I quattro sarebbero responsabili di un grave episodio di violenza avvenuto lo scorso 7 novembre ad Alcamo. I dettagli sono riportati nelle seguente nota diffusa oggi dal Comando provinciale dei Carabinieri.
"I militari dell’Arma sono intervenuti a seguito di segnalazione al 112 presso il locale pronto soccorso in quanto era stato trasportato in codice rosso un giovane alcamese di 23 anni.
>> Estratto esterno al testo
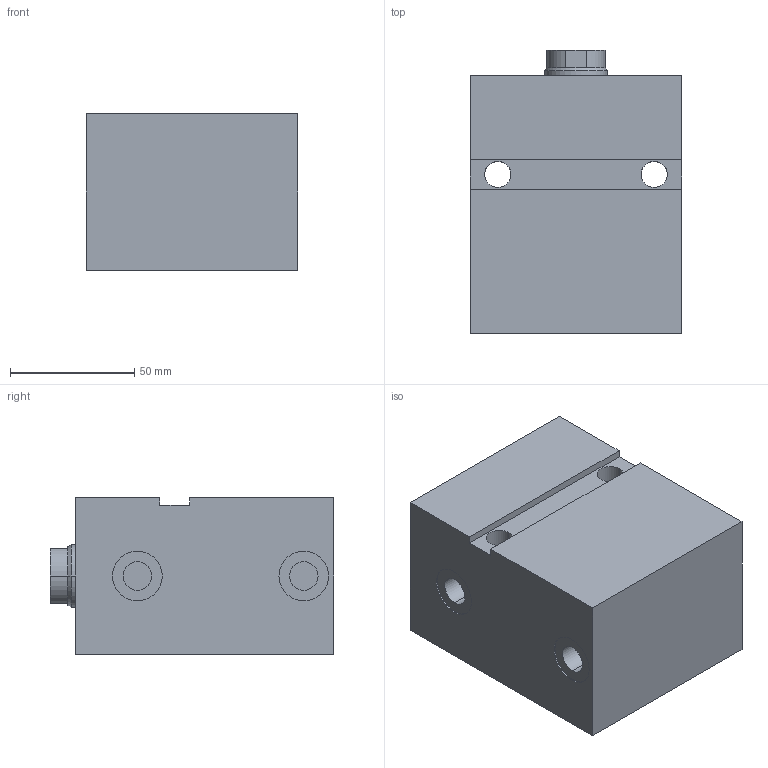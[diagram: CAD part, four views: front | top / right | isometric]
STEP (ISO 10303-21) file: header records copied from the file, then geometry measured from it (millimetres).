
FILE_DESCRIPTION (( 'STEP AP203' ), '1' );
FILE_NAME ('GERMA_Blockzylinder_602-040-050.STEP', '2016-04-06T15:55:40', ( '' ), ( '' ), 'SwSTEP 2.0', 'SolidWorks 2015', '' );
FILE_SCHEMA (( 'CONFIG_CONTROL_DESIGN' ));
Length unit declared in the file: millimetre
Products named in the file (3): GH-600-040_GH-602-040-050; Kolben 60x-040_Kolben DU.40-Hub50-IG; GERMA_Blockzylinder_602-040-050
Assembly tree (2 placements, depth 2):
  GERMA_Blockzylinder_602-040-050
    GH-600-040_GH-602-040-050
    Kolben 60x-040_Kolben DU.40-Hub50-IG
Bounding box: 85 x 114 x 63 mm (x, y, z)
Volume: 501013.6 mm3; surface area: 71375.9 mm2
Topology: 2 solids, 2 shells, 73 faces, 160 edges, 98 vertices
Faces by surface type: cylinder 33, plane 26, cone 14
Entity records: 2286 total; most frequent: DIRECTION 387, CARTESIAN_POINT 330, ORIENTED_EDGE 308, AXIS2_PLACEMENT_3D 155, EDGE_CURVE 154, VERTEX_POINT 98, EDGE_LOOP 90, VECTOR 77

Gli immediati accertamenti eseguiti dai Carabinieri consentivano di stabilire che alle 19.30 circa di venerdì 7 novembre in via Gaetano Martino, il malcapitato veniva colpito alla testa da uno straniero con un bastone in legno".
L’alcamese, a seguito delle gravissime lesioni riportate veniva trasportato all'ospedale Villa Sofia di Palermo in prognosi riservata.
"Lo sviluppo dell’indagine avvenuto nell'immediatezza, intrapresa dagli inquirenti e la visione delle immagini estrapolate dai circuiti di videosorveglianza, consentiva di documentare che il malcapitato veniva colpito nel corso di una rissa alla quale avrebbero partecipato lo straniero sopra citato, nonché altri 3 soggetti alcamesi, e che il gruppo si sarebbe fronteggiato a colpi di bastone e bottiglie in vetro, a seguito di un diverbio sorto per futili motivi in corso di compiuta ricostruzione.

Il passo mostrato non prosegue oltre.